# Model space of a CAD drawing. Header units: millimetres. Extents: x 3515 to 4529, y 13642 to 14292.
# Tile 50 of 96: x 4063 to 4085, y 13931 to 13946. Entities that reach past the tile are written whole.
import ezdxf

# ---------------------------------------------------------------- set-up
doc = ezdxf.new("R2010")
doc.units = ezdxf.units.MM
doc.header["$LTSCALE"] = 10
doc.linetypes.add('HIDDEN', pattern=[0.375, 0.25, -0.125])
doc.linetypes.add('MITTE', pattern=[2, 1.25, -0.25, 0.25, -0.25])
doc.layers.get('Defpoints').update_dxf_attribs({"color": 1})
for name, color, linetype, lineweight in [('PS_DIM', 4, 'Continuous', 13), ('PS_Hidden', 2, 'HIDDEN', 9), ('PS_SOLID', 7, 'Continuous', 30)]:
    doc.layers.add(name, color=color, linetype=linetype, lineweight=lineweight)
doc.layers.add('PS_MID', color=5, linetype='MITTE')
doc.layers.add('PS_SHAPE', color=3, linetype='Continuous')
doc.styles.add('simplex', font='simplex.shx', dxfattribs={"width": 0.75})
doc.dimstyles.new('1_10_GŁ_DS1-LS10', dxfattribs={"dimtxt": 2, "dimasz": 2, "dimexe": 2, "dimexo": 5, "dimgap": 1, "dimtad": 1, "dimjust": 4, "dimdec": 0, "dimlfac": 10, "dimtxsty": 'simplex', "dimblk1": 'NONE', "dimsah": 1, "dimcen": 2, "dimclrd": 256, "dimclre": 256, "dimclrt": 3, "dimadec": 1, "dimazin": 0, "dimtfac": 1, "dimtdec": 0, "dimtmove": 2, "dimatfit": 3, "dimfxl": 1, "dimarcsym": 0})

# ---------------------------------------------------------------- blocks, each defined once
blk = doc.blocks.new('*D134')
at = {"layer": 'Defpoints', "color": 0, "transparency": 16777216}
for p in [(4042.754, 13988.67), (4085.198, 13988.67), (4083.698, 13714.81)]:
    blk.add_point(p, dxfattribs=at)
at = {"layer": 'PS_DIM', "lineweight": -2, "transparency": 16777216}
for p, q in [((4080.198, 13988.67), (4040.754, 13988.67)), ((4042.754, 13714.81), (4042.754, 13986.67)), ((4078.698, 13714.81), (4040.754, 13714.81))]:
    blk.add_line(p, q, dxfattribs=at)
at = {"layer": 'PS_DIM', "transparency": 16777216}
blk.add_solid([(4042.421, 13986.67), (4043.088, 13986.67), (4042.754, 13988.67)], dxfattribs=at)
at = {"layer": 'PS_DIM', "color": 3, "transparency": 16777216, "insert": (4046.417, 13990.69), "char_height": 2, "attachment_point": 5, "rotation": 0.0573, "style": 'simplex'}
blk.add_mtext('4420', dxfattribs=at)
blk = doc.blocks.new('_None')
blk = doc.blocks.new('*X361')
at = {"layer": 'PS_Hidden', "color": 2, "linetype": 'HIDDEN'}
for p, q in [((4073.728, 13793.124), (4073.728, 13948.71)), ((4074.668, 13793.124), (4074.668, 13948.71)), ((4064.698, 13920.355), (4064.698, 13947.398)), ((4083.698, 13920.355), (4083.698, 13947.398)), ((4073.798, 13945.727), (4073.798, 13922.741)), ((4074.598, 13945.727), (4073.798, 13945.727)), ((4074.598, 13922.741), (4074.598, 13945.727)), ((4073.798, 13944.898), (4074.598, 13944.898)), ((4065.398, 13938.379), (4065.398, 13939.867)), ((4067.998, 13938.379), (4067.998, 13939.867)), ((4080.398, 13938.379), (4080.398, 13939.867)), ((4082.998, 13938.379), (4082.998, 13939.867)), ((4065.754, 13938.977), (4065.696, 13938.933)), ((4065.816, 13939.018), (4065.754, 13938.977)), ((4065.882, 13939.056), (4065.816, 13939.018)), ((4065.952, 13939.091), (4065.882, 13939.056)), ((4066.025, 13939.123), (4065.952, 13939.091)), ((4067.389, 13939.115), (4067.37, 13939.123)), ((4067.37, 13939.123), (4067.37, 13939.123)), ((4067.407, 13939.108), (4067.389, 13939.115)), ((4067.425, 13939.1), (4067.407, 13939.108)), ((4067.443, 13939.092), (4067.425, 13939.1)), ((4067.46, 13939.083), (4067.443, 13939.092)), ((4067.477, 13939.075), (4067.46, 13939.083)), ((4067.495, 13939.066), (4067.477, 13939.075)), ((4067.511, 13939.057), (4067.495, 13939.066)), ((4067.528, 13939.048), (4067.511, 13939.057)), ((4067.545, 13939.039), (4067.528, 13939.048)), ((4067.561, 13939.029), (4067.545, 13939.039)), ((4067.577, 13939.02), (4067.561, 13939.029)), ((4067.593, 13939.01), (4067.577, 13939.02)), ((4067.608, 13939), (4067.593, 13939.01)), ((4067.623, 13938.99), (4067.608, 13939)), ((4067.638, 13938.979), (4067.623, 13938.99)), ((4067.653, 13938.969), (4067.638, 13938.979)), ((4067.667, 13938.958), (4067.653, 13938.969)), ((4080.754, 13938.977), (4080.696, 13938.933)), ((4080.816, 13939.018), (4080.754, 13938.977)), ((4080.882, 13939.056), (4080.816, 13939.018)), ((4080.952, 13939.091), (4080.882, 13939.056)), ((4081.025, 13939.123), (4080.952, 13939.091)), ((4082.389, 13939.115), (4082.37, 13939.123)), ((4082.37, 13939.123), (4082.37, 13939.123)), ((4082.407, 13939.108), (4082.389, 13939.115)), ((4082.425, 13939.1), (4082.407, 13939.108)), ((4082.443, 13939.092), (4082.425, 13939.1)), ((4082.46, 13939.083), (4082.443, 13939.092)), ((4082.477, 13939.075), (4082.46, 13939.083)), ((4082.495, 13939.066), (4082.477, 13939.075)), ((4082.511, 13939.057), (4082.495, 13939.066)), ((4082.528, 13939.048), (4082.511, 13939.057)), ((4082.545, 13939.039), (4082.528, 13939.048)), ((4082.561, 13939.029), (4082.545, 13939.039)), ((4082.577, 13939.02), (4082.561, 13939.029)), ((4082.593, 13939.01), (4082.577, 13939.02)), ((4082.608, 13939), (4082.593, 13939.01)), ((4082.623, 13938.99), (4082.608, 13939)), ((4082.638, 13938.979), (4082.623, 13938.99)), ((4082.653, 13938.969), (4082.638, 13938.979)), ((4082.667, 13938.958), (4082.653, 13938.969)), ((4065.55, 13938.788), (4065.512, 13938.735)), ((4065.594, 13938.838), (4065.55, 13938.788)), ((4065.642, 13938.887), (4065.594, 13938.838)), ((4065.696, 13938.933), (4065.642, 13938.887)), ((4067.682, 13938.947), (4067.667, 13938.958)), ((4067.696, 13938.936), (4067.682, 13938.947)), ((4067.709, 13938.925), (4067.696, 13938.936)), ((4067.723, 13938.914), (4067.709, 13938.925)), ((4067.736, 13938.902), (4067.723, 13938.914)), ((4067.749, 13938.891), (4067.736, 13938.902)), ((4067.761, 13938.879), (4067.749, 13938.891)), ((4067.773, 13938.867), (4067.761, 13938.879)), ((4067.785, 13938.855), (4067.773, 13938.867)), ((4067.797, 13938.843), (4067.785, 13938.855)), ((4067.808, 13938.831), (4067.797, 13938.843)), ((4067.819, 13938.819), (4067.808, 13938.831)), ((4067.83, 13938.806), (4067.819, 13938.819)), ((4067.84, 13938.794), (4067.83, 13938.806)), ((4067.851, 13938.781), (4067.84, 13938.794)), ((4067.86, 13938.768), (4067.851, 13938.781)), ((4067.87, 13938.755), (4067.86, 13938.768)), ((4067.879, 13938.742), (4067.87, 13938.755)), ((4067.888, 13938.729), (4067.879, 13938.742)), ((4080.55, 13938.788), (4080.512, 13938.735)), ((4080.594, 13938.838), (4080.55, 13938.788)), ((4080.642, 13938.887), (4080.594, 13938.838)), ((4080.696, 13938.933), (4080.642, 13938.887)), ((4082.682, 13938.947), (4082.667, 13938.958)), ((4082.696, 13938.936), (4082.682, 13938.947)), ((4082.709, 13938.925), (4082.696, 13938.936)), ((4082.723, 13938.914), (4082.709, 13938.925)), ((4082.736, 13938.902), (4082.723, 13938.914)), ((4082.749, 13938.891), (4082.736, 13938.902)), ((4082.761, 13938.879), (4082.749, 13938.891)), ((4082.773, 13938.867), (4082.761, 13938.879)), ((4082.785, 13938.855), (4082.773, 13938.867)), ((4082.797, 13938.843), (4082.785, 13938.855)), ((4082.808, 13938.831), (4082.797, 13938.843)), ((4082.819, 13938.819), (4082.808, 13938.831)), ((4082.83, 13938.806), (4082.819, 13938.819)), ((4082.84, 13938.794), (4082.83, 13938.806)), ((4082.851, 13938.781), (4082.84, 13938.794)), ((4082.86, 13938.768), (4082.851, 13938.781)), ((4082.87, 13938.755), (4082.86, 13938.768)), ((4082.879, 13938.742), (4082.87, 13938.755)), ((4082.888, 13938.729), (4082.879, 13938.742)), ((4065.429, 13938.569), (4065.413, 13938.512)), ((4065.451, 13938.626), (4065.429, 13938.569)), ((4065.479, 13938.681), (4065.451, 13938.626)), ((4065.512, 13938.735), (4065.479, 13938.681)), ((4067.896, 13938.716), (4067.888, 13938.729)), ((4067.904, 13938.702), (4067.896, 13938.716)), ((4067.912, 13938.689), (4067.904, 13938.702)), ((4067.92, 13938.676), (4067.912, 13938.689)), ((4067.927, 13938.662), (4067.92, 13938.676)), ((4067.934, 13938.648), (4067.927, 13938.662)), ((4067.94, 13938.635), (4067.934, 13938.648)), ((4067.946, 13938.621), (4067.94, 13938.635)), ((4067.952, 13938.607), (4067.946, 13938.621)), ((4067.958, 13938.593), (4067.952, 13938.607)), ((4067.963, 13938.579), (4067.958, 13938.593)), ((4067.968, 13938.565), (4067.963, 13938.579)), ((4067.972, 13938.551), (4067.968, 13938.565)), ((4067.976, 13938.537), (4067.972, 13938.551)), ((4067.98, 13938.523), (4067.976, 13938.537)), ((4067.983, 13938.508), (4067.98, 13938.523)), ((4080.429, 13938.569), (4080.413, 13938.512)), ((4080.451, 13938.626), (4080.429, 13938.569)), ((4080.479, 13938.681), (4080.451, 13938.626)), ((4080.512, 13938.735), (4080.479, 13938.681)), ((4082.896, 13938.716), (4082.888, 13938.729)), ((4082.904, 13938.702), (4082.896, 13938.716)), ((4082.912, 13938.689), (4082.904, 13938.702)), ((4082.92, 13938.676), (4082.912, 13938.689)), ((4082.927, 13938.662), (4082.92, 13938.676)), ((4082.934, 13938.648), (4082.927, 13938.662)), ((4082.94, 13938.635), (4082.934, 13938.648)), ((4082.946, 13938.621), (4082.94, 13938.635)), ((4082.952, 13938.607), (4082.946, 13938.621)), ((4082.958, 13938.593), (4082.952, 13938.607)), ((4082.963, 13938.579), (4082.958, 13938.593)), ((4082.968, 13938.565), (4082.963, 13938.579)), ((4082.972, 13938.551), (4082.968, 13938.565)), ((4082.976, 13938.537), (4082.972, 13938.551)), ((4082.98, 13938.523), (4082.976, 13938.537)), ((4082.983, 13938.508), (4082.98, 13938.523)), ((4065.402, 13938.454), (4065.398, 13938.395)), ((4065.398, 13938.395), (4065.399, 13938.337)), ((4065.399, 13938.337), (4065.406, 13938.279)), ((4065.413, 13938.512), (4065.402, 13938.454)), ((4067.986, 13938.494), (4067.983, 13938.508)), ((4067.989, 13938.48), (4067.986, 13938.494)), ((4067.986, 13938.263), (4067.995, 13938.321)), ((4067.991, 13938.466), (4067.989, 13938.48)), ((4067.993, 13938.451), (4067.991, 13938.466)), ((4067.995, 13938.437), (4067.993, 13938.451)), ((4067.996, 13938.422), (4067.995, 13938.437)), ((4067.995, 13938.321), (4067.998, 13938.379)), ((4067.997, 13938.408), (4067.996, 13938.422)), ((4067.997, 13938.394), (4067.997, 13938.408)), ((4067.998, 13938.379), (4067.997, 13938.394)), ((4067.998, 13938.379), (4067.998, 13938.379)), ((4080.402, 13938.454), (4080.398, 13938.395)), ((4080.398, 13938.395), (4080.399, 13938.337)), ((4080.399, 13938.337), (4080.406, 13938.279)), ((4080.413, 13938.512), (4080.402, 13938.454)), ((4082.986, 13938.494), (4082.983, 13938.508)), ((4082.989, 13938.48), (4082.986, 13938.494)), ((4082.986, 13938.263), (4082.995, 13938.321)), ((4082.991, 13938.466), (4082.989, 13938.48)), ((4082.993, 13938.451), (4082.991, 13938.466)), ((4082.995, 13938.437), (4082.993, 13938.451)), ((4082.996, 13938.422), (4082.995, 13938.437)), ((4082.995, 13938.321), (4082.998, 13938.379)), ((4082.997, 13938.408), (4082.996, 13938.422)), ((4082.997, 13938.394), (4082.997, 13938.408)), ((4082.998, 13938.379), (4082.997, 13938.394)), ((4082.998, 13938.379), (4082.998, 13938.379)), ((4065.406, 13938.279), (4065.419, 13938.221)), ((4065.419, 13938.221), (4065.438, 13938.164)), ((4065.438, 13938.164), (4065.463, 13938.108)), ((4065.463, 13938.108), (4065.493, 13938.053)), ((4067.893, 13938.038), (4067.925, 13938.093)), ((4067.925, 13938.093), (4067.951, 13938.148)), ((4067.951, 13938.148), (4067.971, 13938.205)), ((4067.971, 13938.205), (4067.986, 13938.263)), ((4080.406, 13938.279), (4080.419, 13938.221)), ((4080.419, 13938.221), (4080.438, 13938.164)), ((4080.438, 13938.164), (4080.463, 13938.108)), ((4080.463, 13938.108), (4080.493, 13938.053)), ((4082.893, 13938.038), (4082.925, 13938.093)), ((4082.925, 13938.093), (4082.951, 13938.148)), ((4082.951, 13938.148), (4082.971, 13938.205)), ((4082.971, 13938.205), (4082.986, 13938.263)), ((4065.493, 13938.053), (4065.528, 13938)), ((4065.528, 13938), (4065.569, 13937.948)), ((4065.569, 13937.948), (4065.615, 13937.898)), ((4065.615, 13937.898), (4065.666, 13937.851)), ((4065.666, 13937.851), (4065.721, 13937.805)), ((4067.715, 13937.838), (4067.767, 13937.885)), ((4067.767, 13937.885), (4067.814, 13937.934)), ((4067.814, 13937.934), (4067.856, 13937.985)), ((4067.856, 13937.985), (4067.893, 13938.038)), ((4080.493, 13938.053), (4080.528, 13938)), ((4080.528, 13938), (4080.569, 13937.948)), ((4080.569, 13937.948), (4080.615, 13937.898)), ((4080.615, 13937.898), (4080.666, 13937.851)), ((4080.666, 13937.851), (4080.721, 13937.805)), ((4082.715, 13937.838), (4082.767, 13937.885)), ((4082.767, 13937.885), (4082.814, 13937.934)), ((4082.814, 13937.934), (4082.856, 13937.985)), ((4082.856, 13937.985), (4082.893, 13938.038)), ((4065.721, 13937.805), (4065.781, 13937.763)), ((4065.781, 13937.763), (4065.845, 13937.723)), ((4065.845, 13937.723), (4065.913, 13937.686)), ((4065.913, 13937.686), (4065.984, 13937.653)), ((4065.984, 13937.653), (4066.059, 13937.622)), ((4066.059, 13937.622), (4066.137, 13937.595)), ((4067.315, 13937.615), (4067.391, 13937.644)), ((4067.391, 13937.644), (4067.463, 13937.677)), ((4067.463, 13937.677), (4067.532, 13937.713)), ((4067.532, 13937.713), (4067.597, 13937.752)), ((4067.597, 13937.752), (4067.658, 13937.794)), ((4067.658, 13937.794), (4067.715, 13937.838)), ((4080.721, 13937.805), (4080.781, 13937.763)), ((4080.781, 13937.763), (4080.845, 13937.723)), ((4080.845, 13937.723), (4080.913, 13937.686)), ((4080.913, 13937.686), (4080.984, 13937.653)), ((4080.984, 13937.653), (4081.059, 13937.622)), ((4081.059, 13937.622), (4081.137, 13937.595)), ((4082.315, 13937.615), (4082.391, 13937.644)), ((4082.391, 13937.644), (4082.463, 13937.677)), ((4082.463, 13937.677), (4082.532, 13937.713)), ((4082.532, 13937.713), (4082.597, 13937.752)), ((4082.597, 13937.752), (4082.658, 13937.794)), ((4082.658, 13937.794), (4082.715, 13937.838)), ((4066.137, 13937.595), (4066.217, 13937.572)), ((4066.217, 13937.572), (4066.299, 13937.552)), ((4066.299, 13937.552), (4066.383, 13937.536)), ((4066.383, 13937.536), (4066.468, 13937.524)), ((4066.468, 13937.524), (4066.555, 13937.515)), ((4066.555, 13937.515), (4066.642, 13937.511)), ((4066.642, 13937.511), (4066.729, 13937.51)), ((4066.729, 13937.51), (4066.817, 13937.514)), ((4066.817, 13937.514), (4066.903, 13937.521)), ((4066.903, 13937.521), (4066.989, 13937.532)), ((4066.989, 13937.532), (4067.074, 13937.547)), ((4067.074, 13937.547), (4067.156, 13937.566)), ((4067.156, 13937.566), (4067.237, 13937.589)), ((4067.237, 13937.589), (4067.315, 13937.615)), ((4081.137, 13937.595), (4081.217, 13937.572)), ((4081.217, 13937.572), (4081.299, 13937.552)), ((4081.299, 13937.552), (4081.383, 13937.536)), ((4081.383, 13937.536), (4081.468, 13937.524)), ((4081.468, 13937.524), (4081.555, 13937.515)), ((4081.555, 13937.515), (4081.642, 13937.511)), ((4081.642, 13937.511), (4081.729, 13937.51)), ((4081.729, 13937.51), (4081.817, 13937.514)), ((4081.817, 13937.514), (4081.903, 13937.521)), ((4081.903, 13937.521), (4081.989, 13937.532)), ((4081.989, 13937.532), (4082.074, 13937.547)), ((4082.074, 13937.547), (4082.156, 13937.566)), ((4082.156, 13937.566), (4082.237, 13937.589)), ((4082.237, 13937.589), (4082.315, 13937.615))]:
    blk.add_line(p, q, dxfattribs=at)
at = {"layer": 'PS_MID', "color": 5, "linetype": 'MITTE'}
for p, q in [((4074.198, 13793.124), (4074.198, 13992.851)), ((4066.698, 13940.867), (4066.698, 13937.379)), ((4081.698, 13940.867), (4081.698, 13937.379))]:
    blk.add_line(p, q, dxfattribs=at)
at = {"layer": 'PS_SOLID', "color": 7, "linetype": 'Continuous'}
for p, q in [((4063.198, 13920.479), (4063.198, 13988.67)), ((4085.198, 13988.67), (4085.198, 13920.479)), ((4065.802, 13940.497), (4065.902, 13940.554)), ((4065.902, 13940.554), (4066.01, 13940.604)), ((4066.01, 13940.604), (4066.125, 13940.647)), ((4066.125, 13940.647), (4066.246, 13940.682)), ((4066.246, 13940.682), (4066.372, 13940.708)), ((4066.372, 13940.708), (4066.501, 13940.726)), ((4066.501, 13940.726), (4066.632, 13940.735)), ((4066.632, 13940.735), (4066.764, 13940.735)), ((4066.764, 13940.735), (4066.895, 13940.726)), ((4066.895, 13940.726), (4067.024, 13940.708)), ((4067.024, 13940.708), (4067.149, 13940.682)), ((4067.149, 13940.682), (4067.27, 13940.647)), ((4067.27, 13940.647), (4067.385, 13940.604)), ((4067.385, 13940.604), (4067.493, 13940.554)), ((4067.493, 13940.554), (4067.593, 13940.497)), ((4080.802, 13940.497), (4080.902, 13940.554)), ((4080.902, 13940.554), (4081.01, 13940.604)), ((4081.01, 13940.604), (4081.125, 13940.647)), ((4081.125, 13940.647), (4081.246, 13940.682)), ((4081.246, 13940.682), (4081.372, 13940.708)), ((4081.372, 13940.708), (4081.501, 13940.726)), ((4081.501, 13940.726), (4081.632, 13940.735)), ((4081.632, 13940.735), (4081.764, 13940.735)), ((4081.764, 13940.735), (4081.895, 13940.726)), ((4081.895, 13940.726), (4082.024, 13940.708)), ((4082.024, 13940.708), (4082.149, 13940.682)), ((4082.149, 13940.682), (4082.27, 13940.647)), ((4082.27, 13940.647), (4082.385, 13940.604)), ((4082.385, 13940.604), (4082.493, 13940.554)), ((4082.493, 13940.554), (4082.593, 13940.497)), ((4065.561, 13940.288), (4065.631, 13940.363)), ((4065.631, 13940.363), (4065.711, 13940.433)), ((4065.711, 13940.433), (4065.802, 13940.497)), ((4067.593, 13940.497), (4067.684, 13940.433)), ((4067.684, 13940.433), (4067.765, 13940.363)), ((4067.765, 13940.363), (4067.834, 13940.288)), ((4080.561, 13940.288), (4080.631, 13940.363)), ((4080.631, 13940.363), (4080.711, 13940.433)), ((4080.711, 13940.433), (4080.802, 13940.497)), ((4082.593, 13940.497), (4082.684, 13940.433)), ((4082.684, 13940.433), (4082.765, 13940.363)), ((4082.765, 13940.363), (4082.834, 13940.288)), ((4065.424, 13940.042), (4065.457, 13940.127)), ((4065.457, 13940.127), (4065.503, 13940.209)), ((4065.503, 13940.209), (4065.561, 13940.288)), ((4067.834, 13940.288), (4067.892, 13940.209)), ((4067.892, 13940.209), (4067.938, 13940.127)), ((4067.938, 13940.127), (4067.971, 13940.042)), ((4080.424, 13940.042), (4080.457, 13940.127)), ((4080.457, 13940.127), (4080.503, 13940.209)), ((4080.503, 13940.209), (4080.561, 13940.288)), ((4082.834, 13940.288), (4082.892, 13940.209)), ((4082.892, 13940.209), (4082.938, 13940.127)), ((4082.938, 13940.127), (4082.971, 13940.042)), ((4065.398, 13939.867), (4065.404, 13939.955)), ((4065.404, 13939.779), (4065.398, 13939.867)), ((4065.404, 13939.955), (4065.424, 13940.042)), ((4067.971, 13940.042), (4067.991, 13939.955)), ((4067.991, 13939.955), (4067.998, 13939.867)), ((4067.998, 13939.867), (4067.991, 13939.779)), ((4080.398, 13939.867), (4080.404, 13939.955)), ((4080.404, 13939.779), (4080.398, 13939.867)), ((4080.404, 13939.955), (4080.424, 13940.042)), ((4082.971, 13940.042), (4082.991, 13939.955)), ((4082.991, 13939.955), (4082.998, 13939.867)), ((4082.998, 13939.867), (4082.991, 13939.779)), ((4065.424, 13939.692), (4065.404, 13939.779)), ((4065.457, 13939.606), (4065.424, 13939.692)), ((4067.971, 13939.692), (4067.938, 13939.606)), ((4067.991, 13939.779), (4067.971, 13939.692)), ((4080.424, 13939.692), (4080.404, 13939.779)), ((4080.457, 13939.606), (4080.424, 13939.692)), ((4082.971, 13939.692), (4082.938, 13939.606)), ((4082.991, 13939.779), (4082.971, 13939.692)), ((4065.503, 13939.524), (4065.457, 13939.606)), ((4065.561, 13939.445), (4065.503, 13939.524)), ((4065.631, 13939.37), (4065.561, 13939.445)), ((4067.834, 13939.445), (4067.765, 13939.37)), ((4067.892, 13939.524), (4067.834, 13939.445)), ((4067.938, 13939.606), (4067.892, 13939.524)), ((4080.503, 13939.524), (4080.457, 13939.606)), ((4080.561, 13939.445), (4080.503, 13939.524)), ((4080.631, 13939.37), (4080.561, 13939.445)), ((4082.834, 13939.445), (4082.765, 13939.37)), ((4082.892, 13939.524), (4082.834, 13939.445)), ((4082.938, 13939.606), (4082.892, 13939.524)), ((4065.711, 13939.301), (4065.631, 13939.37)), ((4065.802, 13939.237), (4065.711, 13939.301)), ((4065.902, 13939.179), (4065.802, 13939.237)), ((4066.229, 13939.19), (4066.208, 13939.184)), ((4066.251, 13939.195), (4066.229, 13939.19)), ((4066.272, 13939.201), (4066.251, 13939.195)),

→ WORK ORDER
Using only the entries above, output the line with "import ezdxf", the line with "doc.linetypes.add('HIDDEN', pattern=[0.375, 0.25, -0.125])", and all lines between them, exactly as they stand.

→ SOLUTION TO THE PROBLEM
import ezdxf

# ---------------------------------------------------------------- set-up
doc = ezdxf.new("R2010")
doc.units = ezdxf.units.MM
doc.header["$LTSCALE"] = 10
doc.linetypes.add('HIDDEN', pattern=[0.375, 0.25, -0.125])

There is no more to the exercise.